Provided information section start

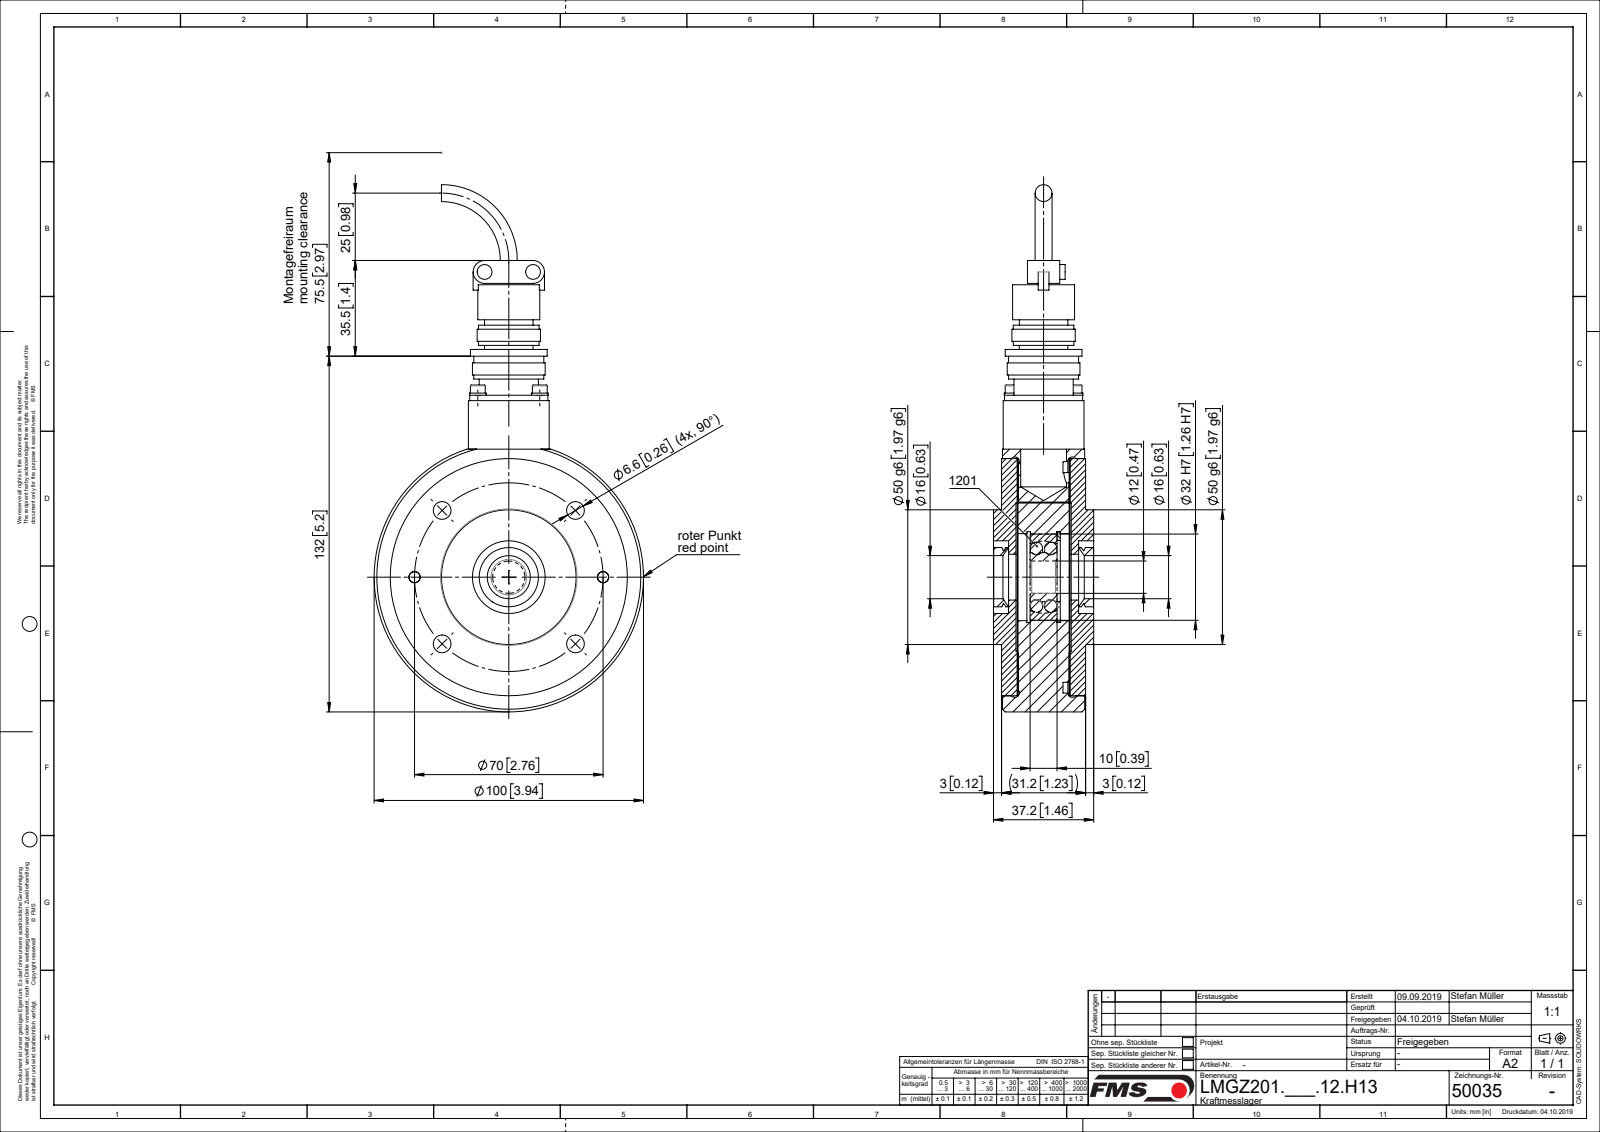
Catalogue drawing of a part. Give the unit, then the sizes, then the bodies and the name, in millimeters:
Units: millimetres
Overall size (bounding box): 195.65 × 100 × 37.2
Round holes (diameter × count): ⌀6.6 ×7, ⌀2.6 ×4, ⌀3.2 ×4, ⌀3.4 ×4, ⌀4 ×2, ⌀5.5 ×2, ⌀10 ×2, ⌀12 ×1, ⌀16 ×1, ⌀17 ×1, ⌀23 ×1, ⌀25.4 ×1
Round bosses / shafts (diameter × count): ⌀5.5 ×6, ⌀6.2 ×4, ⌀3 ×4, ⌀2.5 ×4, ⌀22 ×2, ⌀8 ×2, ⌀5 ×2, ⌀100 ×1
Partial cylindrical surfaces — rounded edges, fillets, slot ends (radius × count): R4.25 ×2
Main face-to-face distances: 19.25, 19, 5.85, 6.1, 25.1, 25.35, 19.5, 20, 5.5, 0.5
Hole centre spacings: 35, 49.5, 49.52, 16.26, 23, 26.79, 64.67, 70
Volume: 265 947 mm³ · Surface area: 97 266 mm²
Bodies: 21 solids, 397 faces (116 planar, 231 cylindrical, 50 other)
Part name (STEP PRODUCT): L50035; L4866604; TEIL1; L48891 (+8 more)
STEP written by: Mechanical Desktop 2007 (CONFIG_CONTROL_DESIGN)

Provided information section end

→ **Description of the task**
What is needed is every line of the data above, set down exactly but with the images left out.

→ **Reply to the task**
Catalogue drawing of a part. Give the unit, then the sizes, then the bodies and the name, in millimeters:
Units: millimetres
Overall size (bounding box): 195.65 × 100 × 37.2
Round holes (diameter × count): ⌀6.6 ×7, ⌀2.6 ×4, ⌀3.2 ×4, ⌀3.4 ×4, ⌀4 ×2, ⌀5.5 ×2, ⌀10 ×2, ⌀12 ×1, ⌀16 ×1, ⌀17 ×1, ⌀23 ×1, ⌀25.4 ×1
Round bosses / shafts (diameter × count): ⌀5.5 ×6, ⌀6.2 ×4, ⌀3 ×4, ⌀2.5 ×4, ⌀22 ×2, ⌀8 ×2, ⌀5 ×2, ⌀100 ×1
Partial cylindrical surfaces — rounded edges, fillets, slot ends (radius × count): R4.25 ×2
Main face-to-face distances: 19.25, 19, 5.85, 6.1, 25.1, 25.35, 19.5, 20, 5.5, 0.5
Hole centre spacings: 35, 49.5, 49.52, 16.26, 23, 26.79, 64.67, 70
Volume: 265 947 mm³ · Surface area: 97 266 mm²
Bodies: 21 solids, 397 faces (116 planar, 231 cylindrical, 50 other)
Part name (STEP PRODUCT): L50035; L4866604; TEIL1; L48891 (+8 more)
STEP written by: Mechanical Desktop 2007 (CONFIG_CONTROL_DESIGN)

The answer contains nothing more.